Evet, Bekir Kumbul harika bir iş yaptı ve “Biyolojik Arıtma”yı Antalya’da başlattı..
Ama, Akaydın’ın bırakın geliştirmeyi, arıtmalarda iğne başı kadar bile emeği yok..
…
Gelin bunun hikayesini o “Arıtma”da emeği geçen biri olarak, işin doğrusunu anlatayım sizlere..
…
BİYOLOJİK ARITMA
1999 yerel seçimlerinden önce, Başkan Hasan Subaşı Antalya’ya “ön arıtma sistemi” yapacağını duyurdu..
O günlerde Eyilik Medya’da yazı yazıyor TV’de de program yapıyordum..
Ben bu ön arıtma fikrine karşı çıktım..
Çünkü, özellikle sahil kentlerinde 2004 yılına kadar “biyolojik arıtma” yapılmaz ise, o kent kara listeye alınacaktı..
Bu, Antalya için ölüm demekti..
Subaşı ön arıtma dedi, ben biyolojik arıtma olmazsa olmaz diye direttim..
Subaşı yardımcılarını gönderdi, “Antalya bir sanayi kenti değil, ön arıtma yeter” diyerek muhalif yazılar yazmamın, TV’de program yapmamın önüne geçmeye çalıştı..

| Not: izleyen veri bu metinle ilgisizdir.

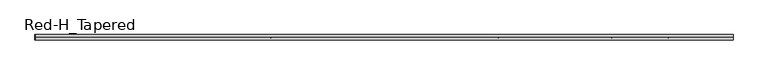
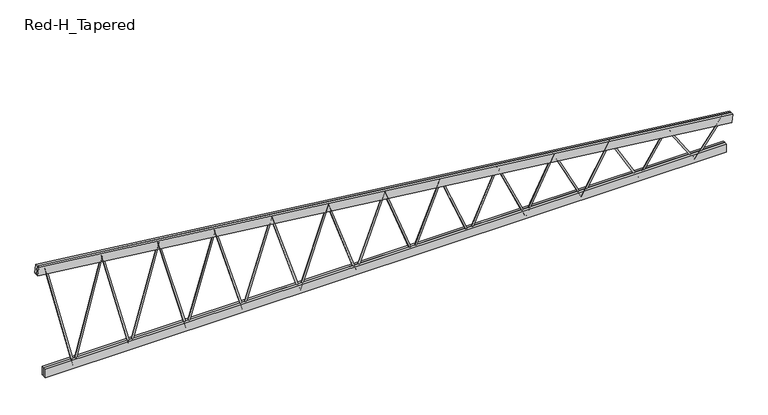
"""IFC4 building model written with IfcOpenShell, lengths in millimetres: beam geometry, Construction_Frames_RedBuilt_Openweb_Red-H_Tapered : Red-H_Tapered."""

from ifc_helpers import new_model, si_unit, point, frame, origin, origin_2d, place, context, project, spatial, polyline, circle_curve, trimmed, segment, composite_curve, outline, extrude, source, transform, mapped, element, save


def red_h_tapered_f2622887(model_context):
    return source(origin(), model_context, "Body", "SweptSolid", [
        extrude(outline(composite_curve([segment(trimmed(circle_curve(origin_2d(), 12.7), [point((0.0, -12.7000001))], [point((0.0, 12.6999999))], False, "CARTESIAN"), True, "CONTINUOUS"), segment(trimmed(circle_curve(origin_2d(), 12.7), [point((0.0, 12.6999999))], [point((0.0, -12.7000001))], False, "CARTESIAN"), True, "CONTINUOUS")], self_intersect=False)), frame((-450.1223958, 0.0, -367.0101562), z_axis=(-0.32912844274512754, 0.0, 0.9442851625309843), x_axis=(0.0, -1.0, 0.0)), (0.0, 0.0, 1.0), 1367.6192555),
        extrude(outline(composite_curve([segment(trimmed(circle_curve(origin_2d(), 12.7), [point((0.0, 12.7000001))], [point((0.0, -12.7))], False, "CARTESIAN"), True, "CONTINUOUS"), segment(trimmed(circle_curve(origin_2d(), 12.7), [point((0.0, -12.7))], [point((0.0, 12.7000001))], False, "CARTESIAN"), True, "CONTINUOUS")], self_intersect=False)), frame((-1350.3671875, 0.0, -367.0101562), z_axis=(0.3291284427451277, 0.0, 0.9442851625309842), x_axis=(0.0, -1.0, 0.0)), (0.0, 0.0, 1.0), 1367.6192555),
        extrude(outline(composite_curve([segment(trimmed(circle_curve(origin_2d(), 12.7), [point((0.0, -12.7))], [point((0.0, 12.7))], False, "CARTESIAN"), True, "CONTINUOUS"), segment(trimmed(circle_curve(origin_2d(), 12.7), [point((0.0, 12.7))], [point((0.0, -12.7))], False, "CARTESIAN"), True, "CONTINUOUS")], self_intersect=False)), frame((-1350.3671875, 0.0, -367.0101562), z_axis=(-0.3075867291849269, 0.0, 0.9515200491998677), x_axis=(0.0, -1.0, 0.0)), (0.0, 0.0, 1.0), 1463.3999231),
        extrude(outline(composite_curve([segment(trimmed(circle_curve(origin_2d(), 12.7), [point((0.0, -12.7))], [point((0.0, 12.7000001))], False, "CARTESIAN"), True, "CONTINUOUS"), segment(trimmed(circle_curve(origin_2d(), 12.7), [point((0.0, 12.7000001))], [point((0.0, -12.7))], False, "CARTESIAN"), True, "CONTINUOUS")], self_intersect=False)), frame((-2250.6119792, 0.0, -367.0101562), z_axis=(0.3075867291849308, 0.0, 0.9515200491998664), x_axis=(0.0, -1.0, 0.0)), (0.0, 0.0, 1.0), 1463.3999231),
        extrude(outline(composite_curve([segment(trimmed(circle_curve(origin_2d(), 12.7), [point((0.0, 12.7))], [point((0.0, -12.7))], False, "CARTESIAN"), True, "CONTINUOUS"), segment(trimmed(circle_curve(origin_2d(), 12.7), [point((0.0, -12.7))], [point((0.0, 12.7))], False, "CARTESIAN"), True, "CONTINUOUS")], self_intersect=False)), frame((-2250.6119792, 0.0, -367.0101562), z_axis=(-0.28856898556555155, 0.0, 0.9574591064738318), x_axis=(0.0, -1.0, 0.0)), (0.0, 0.0, 1.0), 1559.84329),
        extrude(outline(composite_curve([segment(trimmed(circle_curve(origin_2d(), 12.7), [point((0.0, -12.7))], [point((0.0, 12.7))], False, "CARTESIAN"), True, "CONTINUOUS"), segment(trimmed(circle_curve(origin_2d(), 12.7), [point((0.0, 12.7))], [point((0.0, -12.7))], False, "CARTESIAN"), True, "CONTINUOUS")], self_intersect=False)), frame((-3150.8567708, 0.0, -367.0101562), z_axis=(0.28856898556555044, 0.0, 0.9574591064738323), x_axis=(0.0, -1.0, 0.0)), (0.0, 0.0, 1.0), 1559.84329),
        extrude(outline(composite_curve([segment(trimmed(circle_curve(origin_2d(), 12.7), [point((0.0, 12.7))], [point((0.0, -12.7000001))], False, "CARTESIAN"), True, "CONTINUOUS"), segment(trimmed(circle_curve(origin_2d(), 12.7), [point((0.0, -12.7000001))], [point((0.0, 12.7))], False, "CARTESIAN"), True, "CONTINUOUS")], self_intersect=False)), frame((-3150.8567708, 0.0, -367.0101562), z_axis=(-0.2716762785065164, 0.0, 0.9623886947054447), x_axis=(0.0, -1.0, 0.0)), (0.0, 0.0, 1.0), 1656.8336342),
        extrude(outline(composite_curve([segment(trimmed(circle_curve(origin_2d(), 12.7), [point((0.0, -12.7))], [point((0.0, 12.7))], False, "CARTESIAN"), True, "CONTINUOUS"), segment(trimmed(circle_curve(origin_2d(), 12.7), [point((0.0, 12.7))], [point((0.0, -12.7))], False, "CARTESIAN"), True, "CONTINUOUS")], self_intersect=False)), frame((-4051.1015625, 0.0, -367.0101562), z_axis=(0.27167627850652204, 0.0, 0.9623886947054432), x_axis=(0.0, -1.0, 0.0)), (0.0, 0.0, 1.0), 1656.8336342),
        extrude(outline(composite_curve([segment(trimmed(circle_curve(origin_2d(), 12.7), [point((0.0, 12.7))], [point((0.0, -12.7))], False, "CARTESIAN"), True, "CONTINUOUS"), segment(trimmed(circle_curve(origin_2d(), 12.7), [point((0.0, -12.7))], [point((0.0, 12.7))], False, "CARTESIAN"), True, "CONTINUOUS")], self_intersect=False)), frame((-4051.1015625, 0.0, -367.0101562), z_axis=(-0.25658522909134096, 0.0, 0.9665216087662728), x_axis=(0.0, -1.0, 0.0)), (0.0, 0.0, 1.0), 1754.2802344),
        extrude(outline(composite_curve([segment(trimmed(circle_curve(origin_2d(), 12.7), [point((0.0, -12.7))], [point((0.0, 12.7000001))], False, "CARTESIAN"), True, "CONTINUOUS"), segment(trimmed(circle_curve(origin_2d(), 12.7), [point((0.0, 12.7000001))], [point((0.0, -12.7))], False, "CARTESIAN"), True, "CONTINUOUS")], self_intersect=False)), frame((-4951.3463542, 0.0, -367.0101562), z_axis=(0.2565852290913401, 0.0, 0.966521608766273), x_axis=(0.0, -1.0, 0.0)), (0.0, 0.0, 1.0), 1754.2802344),
        extrude(outline(composite_curve([segment(trimmed(circle_curve(origin_2d(), 12.7), [point((0.0, 12.7))], [point((0.0, -12.7))], False, "CARTESIAN"), True, "CONTINUOUS"), segment(trimmed(circle_curve(origin_2d(), 12.7), [point((0.0, -12.7))], [point((0.0, 12.7))], False, "CARTESIAN"), True, "CONTINUOUS")], self_intersect=False)), frame((-4951.3463542, 0.0, -367.0101562), z_axis=(-0.24303207386708506, 0.0, 0.9700182529580893), x_axis=(0.0, -1.0, 0.0)), (0.0, 0.0, 1.0), 1852.111076),
        extrude(outline(composite_curve([segment(trimmed(circle_curve(origin_2d(), 12.7), [point((0.0, 12.7))], [point((0.0, -12.7))], False, "CARTESIAN"), True, "CONTINUOUS"), segment(trimmed(circle_curve(origin_2d(), 12.7), [point((0.0, -12.7))], [point((0.0, 12.7))], False, "CARTESIAN"), True, "CONTINUOUS")], self_intersect=False)), frame((4951.3463542, 0.0, -367.0101562), z_axis=(0.6103390645889434, 0.0, 0.7921402819177256), x_axis=(0.0, -1.0, 0.0)), (0.0, 0.0, 1.0), 737.4956347),
        extrude(outline(composite_curve([segment(trimmed(circle_curve(origin_2d(), 12.7), [point((0.0, -12.7000001))], [point((0.0, 12.7))], False, "CARTESIAN"), True, "CONTINUOUS"), segment(trimmed(circle_curve(origin_2d(), 12.7), [point((0.0, 12.7))], [point((0.0, -12.7000001))], False, "CARTESIAN"), True, "CONTINUOUS")], self_intersect=False)), frame((4951.3463542, 0.0, -367.0101562), z_axis=(-0.5490306886626473, 0.0, 0.8358021912549759), x_axis=(0.0, -1.0, 0.0)), (0.0, 0.0, 1.0), 819.8492455),
        extrude(outline(composite_curve([segment(trimmed(circle_curve(origin_2d(), 12.7), [point((0.0, 12.7))], [point((0.0, -12.7))], False, "CARTESIAN"), True, "CONTINUOUS"), segment(trimmed(circle_curve(origin_2d(), 12.7), [point((0.0, -12.7))], [point((0.0, 12.7))], False, "CARTESIAN"), True, "CONTINUOUS")], self_intersect=False)), frame((4051.1015625, 0.0, -367.0101562), z_axis=(0.5490306886626476, 0.0, 0.8358021912549758), x_axis=(0.0, -1.0, 0.0)), (0.0, 0.0, 1.0), 819.8492455),
        extrude(outline(composite_curve([segment(trimmed(circle_curve(origin_2d(), 12.7), [point((0.0, -12.7))], [point((0.0, 12.7))], False, "CARTESIAN"), True, "CONTINUOUS"), segment(trimmed(circle_curve(origin_2d(), 12.7), [point((0.0, 12.7))], [point((0.0, -12.7))], False, "CARTESIAN"), True, "CONTINUOUS")], self_intersect=False)), frame((4051.1015625, 0.0, -367.0101562), z_axis=(-0.4968284949921359, 0.0, 0.8678487463630107), x_axis=(0.0, -1.0, 0.0)), (0.0, 0.0, 1.0), 905.9915049),
        extrude(outline(composite_curve([segment(trimmed(circle_curve(origin_2d(), 12.7), [point((0.0, 12.7))], [point((0.0, -12.6999999))], False, "CARTESIAN"), True, "CONTINUOUS"), segment(trimmed(circle_curve(origin_2d(), 12.7), [point((0.0, -12.6999999))], [point((0.0, 12.7))], False, "CARTESIAN"), True, "CONTINUOUS")], self_intersect=False)), frame((3150.8567708, 0.0, -367.0101562), z_axis=(0.4968284949921344, 0.0, 0.8678487463630115), x_axis=(0.0, -1.0, 0.0)), (0.0, 0.0, 1.0), 905.9915049),
        extrude(outline(composite_curve([segment(trimmed(circle_curve(origin_2d(), 12.7), [point((0.0, -12.7))], [point((0.0, 12.7))], False, "CARTESIAN"), True, "CONTINUOUS"), segment(trimmed(circle_curve(origin_2d(), 12.7), [point((0.0, 12.7))], [point((0.0, -12.7))], False, "CARTESIAN"), True, "CONTINUOUS")], self_intersect=False)), frame((3150.8567708, 0.0, -367.0101562), z_axis=(-0.4524121304058867, 0.0, 0.8918089841785667), x_axis=(0.0, -1.0, 0.0)), (0.0, 0.0, 1.0), 994.9388303),
        extrude(outline(composite_curve([segment(trimmed(circle_curve(origin_2d(), 12.7), [point((0.0, 12.7))], [point((0.0, -12.7))], False, "CARTESIAN"), True, "CONTINUOUS"), segment(trimmed(circle_curve(origin_2d(), 12.7), [point((0.0, -12.7))], [point((0.0, 12.7))], False, "CARTESIAN"), True, "CONTINUOUS")], self_intersect=False)), frame((2250.6119792, 0.0, -367.0101562), z_axis=(0.4524121304058875, 0.0, 0.8918089841785662), x_axis=(0.0, -1.0, 0.0)), (0.0, 0.0, 1.0), 994.9388303),
        extrude(outline(composite_curve([segment(trimmed(circle_curve(origin_2d(), 12.7), [point((0.0, -12.7))], [point((0.0, 12.6999999))], False, "CARTESIAN"), True, "CONTINUOUS"), segment(trimmed(circle_curve(origin_2d(), 12.7), [point((0.0, 12.6999999))], [point((0.0, -12.7))], False, "CARTESIAN"), True, "CONTINUOUS")], self_intersect=False)), frame((2250.6119792, 0.0, -367.0101562), z_axis=(-0.414476502078826, 0.0, 0.9100600140784678), x_axis=(0.0, -1.0, 0.0)), (0.0, 0.0, 1.0), 1086.0022066),
        extrude(outline(composite_curve([segment(trimmed(circle_curve(origin_2d(), 12.7), [point((0.0, 12.7))], [point((0.0, -12.7))], False, "CARTESIAN"), True, "CONTINUOUS"), segment(trimmed(circle_curve(origin_2d(), 12.7), [point((0.0, -12.7))], [point((0.0, 12.7))], False, "CARTESIAN"), True, "CONTINUOUS")], self_intersect=False)), frame((1350.3671875, 0.0, -367.0101562), z_axis=(0.4144765020788303, 0.0, 0.9100600140784658), x_axis=(0.0, -1.0, 0.0)), (0.0, 0.0, 1.0), 1086.0022066),
        extrude(outline(composite_curve([segment(trimmed(circle_curve(origin_2d(), 12.7), [point((0.0, -12.7))], [point((0.0, 12.7))], False, "CARTESIAN"), True, "CONTINUOUS"), segment(trimmed(circle_curve(origin_2d(), 12.7), [point((0.0, 12.7))], [point((0.0, -12.7))], False, "CARTESIAN"), True, "CONTINUOUS")], self_intersect=False)), frame((1350.3671875, 0.0, -367.0101562), z_axis=(-0.3818831951022662, 0.0, 0.9242105957510358), x_axis=(0.0, -1.0, 0.0)), (0.0, 0.0, 1.0), 1178.6912899),
        extrude(outline(composite_curve([segment(trimmed(circle_curve(origin_2d(), 12.7), [point((0.0, 12.7))], [point((0.0, -12.6999999))], False, "CARTESIAN"), True, "CONTINUOUS"), segment(trimmed(circle_curve(origin_2d(), 12.7), [point((0.0, -12.6999999))], [point((0.0, 12.7))], False, "CARTESIAN"), True, "CONTINUOUS")], self_intersect=False)), frame((450.1223958, 0.0, -367.0101562), z_axis=(0.3818831951022686, 0.0, 0.9242105957510348), x_axis=(0.0, -1.0, 0.0)), (0.0, 0.0, 1.0), 1178.6912899),
        extrude(outline(composite_curve([segment(trimmed(circle_curve(origin_2d(), 12.7), [point((0.0, -12.7))], [point((0.0, 12.7))], False, "CARTESIAN"), True, "CONTINUOUS"), segment(trimmed(circle_curve(origin_2d(), 12.7), [point((0.0, 12.7))], [point((0.0, -12.7))], False, "CARTESIAN"), True, "CONTINUOUS")], self_intersect=False)), frame((450.1223958, 0.0, -367.0101562), z_axis=(-0.35368881452865064, 0.0, 0.935363150053132), x_axis=(0.0, -1.0, 0.0)), (0.0, 0.0, 1.0), 1272.6509218),
        extrude(outline(composite_curve([segment(trimmed(circle_curve(origin_2d(), 12.7), [point((0.0, 12.7))], [point((0.0, -12.7))], False, "CARTESIAN"), True, "CONTINUOUS"), segment(trimmed(circle_curve(origin_2d(), 12.7), [point((0.0, -12.7))], [point((0.0, 12.7))], False, "CARTESIAN"), True, "CONTINUOUS")], self_intersect=False)), frame((-450.1223958, 0.0, -367.0101562), z_axis=(0.3536888145286179, 0.0, 0.9353631500531443), x_axis=(0.0, -1.0, 0.0)), (0.0, 0.0, 1.0), 1272.6509218),
        extrude(outline(polyline([(-5426.86875, -41.275), (-5426.86875, -3.175), (5426.86875, -3.175), (5426.86875, -41.275), (-5426.86875, -41.275)])), frame((0.0, 0.0, -386.0601562), z_axis=(0.0, 0.0, 1.0), x_axis=(1.0, 0.0, 0.0)), (0.0, 0.0, 1.0), 139.7),
        extrude(outline(polyline([(-5426.86875, 3.175), (-5426.86875, 41.275), (5426.86875, 41.275), (5426.86875, 3.175), (-5426.86875, 3.175)])), frame((0.0, 0.0, -386.0601562), z_axis=(0.0, 0.0, 1.0), x_axis=(1.0, 0.0, 0.0)), (0.0, 0.0, 1.0), 139.7),
        extrude(outline(polyline([(0.0, -38.1), (0.0, 0.0), (11131.0909694, 0.0), (11131.0909694, -38.1), (0.0, -38.1)])), frame((-5544.5671891, -3.175, 1367.4705018), z_axis=(0.11523578448213238, 0.0, 0.9933381669777859), x_axis=(0.9933381669777859, 0.0, -0.11523578448213238)), (0.0, 0.0, 1.0), 139.7),
        extrude(outline(polyline([(0.0, -38.1), (0.0, 0.0), (11131.0909694, 0.0), (11131.0909694, -38.1), (0.0, -38.1)])), frame((-5544.5671891, 41.275, 1367.4705018), z_axis=(0.11523578448213238, 0.0, 0.9933381669777859), x_axis=(0.9933381669777859, 0.0, -0.11523578448213238)), (0.0, 0.0, 1.0), 139.7),
    ])


if __name__ == "__main__":
    model = new_model("IFC4")
    model_context = context("Model", 3, world=origin())
    ifc_project = project(units=[si_unit("LENGTHUNIT", "METRE", prefix="MILLI")], contexts=[model_context])
    site = spatial("IfcSite", under=ifc_project)
    building = spatial("IfcBuilding", under=site)
    placement = place(None, origin())
    red_h_tapered_shape = red_h_tapered_f2622887(model_context)
    element("IfcBeam", 1, ObjectType="Construction_Frames_RedBuilt_Openweb_Red-H_Tapered : Red-H_Tapered", at=placement, inside=building, context=model_context, shape_type="MappedRepresentation", body=[
        mapped(red_h_tapered_shape, transform((0.0, 0.0, 0.0), x_axis=(1.0, 0.0, 0.0), y_axis=(0.0, 1.0, 0.0), z_axis=(0.0, 0.0, 1.0))),
    ])
    save(model, "model.ifc")

# Revit data of these elements
# Type "Construction_Frames_RedBuilt_Openweb_Red-H_Tapered : Red-H_Tapered"
#   Youtube clip = ""
#   Weight Net (Kg) = "0"
#   Webs = "Up to 2\" diameter tubular steel"
#   Uniformat II Description = ""
#   Uniformat II Code = ""
#   Uniclass 2015 Name = "Softwood trusses"
#   Uniclass 2015 Code = "Pr_20_85_90_81"
#   Uniclass 2.0 Description = "Structural Framing Systems"
#   Uniclass 2.0 Code = "SS-15-10-75"
#   Uniclass 1.4 Description = "Trusses"
#   Uniclass 1.4 Code = "L3523"
#   UNSPSC Code = "30103606"
#   Technical description = "http://www.redbuilt.com/reference/literature-and-other-resources"
#   Region South America = "None"
#   Region Oceania = "None"
#   Region North America = "US"
#   Region Middle East = "None"
#   Region Europe = "None"
#   Region Asia = "None"
#   Region Antarctica = "None"
#   Region Africa = "None"
#   QR code = "http://bimobject.com/redbuilt/product/redbuilt-0003"
#   Product url = "http://www.redbuilt.com/products/default.aspx?id=2"
#   Product group = "Wood Trusses"
#   Product family = "Construction"
#   Product data url = "https://bimobject.com/redbuilt/product/redbuilt-0003"
#   Product certification = ""
#   Product SKU = "redbuilt-0003"
#   Product Page URL = "http://www.redbuilt.com/commercial-systems/red-m-red-h-open-web-trusses"
#   Product Guid = "2c5793f2-6ffb-4665-b825-cf90c048e711"
#   Product Documentation Link = "http://www.redbuilt.com/documents/OW_Guide_2017_07_LowRes_wLinks.pdf"
#   OmniClass Description = "Wood Trusses"
#   OmniClass Code = "23-13 35 19 13 17"
#   NBS Reference Description = ""
#   NBS Reference Code = ""
#   Material secondary = "Steel"
#   Material main = "Wood"
#   Masterformat 2014 Description = "Metal-Web Wood Joists"
#   Masterformat 2014 Code = "06 17 36"
#   Manufacturer name = "RedBuilt"
#   Manufacturer country = "United States"
#   Installation instructions = "http://www.redbuilt.com/documents/Installation_Sheets_Open-Web.pdf"
#   IFC Classification = ""
#   EAN code = ""
#   Design country = "United States"
#   Product Information = "http://redbuilt.com/products/default.aspx?id=2"
#   Model = "Red-H-Tapered"
#   Manufacturer URL = "http://redbuilt.com/"
#   Manufacturer = "RedBuilt™"
#   Description = "Open Web Truss"
#   Date of publishing = "8/17/2010"
#   Contact us = "http://redbuilt.com/contact/"
#   Chords = "Double 1½\" x 5½\" MSR lumber"
#   COBIe Type Category = ""
#   Brand url = "http://www.redbuilt.com"
#   BIMobject main category code = "construction"
#   BIMobject main category = "Construction"
#   BIMobject category code = "construction-frames-trusses"
#   BIMobject category = "Frames & Trusses"
#   Web Radius = 0' - 0 1/2"
#   Web Layout Offset Start [instance default] = 0' - 5"
#   Web Layout Offset End [instance default] = 0' - 5"
#   Web Diameter = 0' - 1"
#   TotalLength [instance default] = 20' - 0"
#   Span Minimum = 4' - 0"
#   Span Maximum = 70' - 0"
#   Span Limit [instance default] = 20' - 0"
#   Nominal width = 0' - 0"
#   Nominal height = 0' - 0"
#   Inner Depth Top [instance default] = 0' - 2.76372"
#   Depth Start [instance default] = 6' - 0"
#   Top Chord Length [instance default] = 20' - 1.19701"
#   TC Extension Start Aux [instance default] = 0' - 0"
#   TC Extension End Aux [instance default] = 0' - 0"
#   T-B Chord Length Difference L [instance default] = 0' - 4"
#   T-B Chord Length Difference [instance default] = 0' - 4"
#   Height 2 [instance default] = 6' - 0"
#   Depth Minimum at Wall = 2' - 0"
#   Depth Maximum at Wall = 6' - 0"
#   Depth Lower End [instance default] = 2' - 0"
#   Depth Higher End [instance default] = 6' - 0"
#   Depth End [instance default] = 2' - 0"
#   Depth 2 [instance default] = 2' - 0"
#   Chord Width = 0' - 3 1/4"
#   Chord Thickness = 0' - 1 1/2"
#   Chord Depth = 0' - 5 1/2"
#   Offset Start [instance default] = 0' - 0"
#   TC Extension Start [instance default] = 0' - 0"
#   End Panel = 0' - 5"
#   Offset End [instance default] = 0' - 0"
#   TC Extension End [instance default] = 0' - 0"
#   Length [instance default] = 20' - 0"
#   Angle [instance default] = 5.71059°
#   Span Limit Warning [instance default] = no
#   Edition number = 1
#   Top Bearing Start [instance default] = yes
#   Top Bearing End [instance default] = yes
#   Bottom Bearing Start [instance default] = no
#   Bottom Bearing End [instance default] = no
#   8 Panels [instance default] = yes
#   16 Panels [instance default] = no
#   12 Panels [instance default] = no
#   Web Material = RedBuilt-Steel, Galvanized
#   Clip Material = RedBuilt-Steel, Galvanized
#   Chords Material = RedBuilt-MSR
#   URL = ""
#   Assembly Code = ""
# Element 1 (IfcBeam, "Construction_Frames_RedBuilt_Openweb_Red-H_Tapered : Red-H_Tapered")
#   TotalLength = 36' - 3 5/16"
#   Span Limit = 36' - 3 5/16"
#   Inner Depth Top = 0' - 2.76844"
#   Top Chord Length = 36' - 6.23193"
#   Depth 2 = 4' - 2 1/2"
#   Angle = 6.61722°
#   8 Panels = no
#   12 Panels = yes
#   Materials on its faces: "RedBuilt-Steel, Galvanized", "RedBuilt-MSR"
# Materials
#   "RedBuilt-Steel, Galvanized": class "Metal", colour RGB 164 172 176, transparency 0, Manufacturer = "RedBuilt. LLC", Comments = "Openweb Metal Web", URL = "http://www.redbuilt.com/", Description = "Galvanized steel", Cost = 0
#   "RedBuilt-MSR": class "Wood", colour RGB 213 182 136, transparency 0, Manufacturer = "RedBuilt, LLC", URL = "http://www.redbuilt.com/", Cost = 0

1999 yerel seçimleri yaklaşıyordu..
Partilerin Büyükşehir adayları da gazeteleri ziyaret ediyor, projelerini paylaşıyor, fikir alışverişi yapıyorlardı..
Bekir Kumbul da ziyaretime geldiğinde, diğerlerine ifade ettiğim gibi, “ön arıtma-biyolojik arıtma” konusunu kendisine anlattım..
AB’nin bağlayıcı bir karar aldığını, 2004 yılına kadar biyolojik arıtmanın Antalya’ya yapılması gerektiğini söyledim..
Seçilirse, bunu gözardı etmemesi gerektiğini belirttim..
…
VE KUMBUL YAPTI
Ve Bekir Kumbul seçildi..
Bir hafta sonra telefonla arayarak, “gel bir kahve içelim, sana soracaklarım var” dedi..
Gittim, “arıtmayı” sordu, bir kez daha anlattım..
“Bütün bilgiler belediyede var, lütfen isteyin” dedim..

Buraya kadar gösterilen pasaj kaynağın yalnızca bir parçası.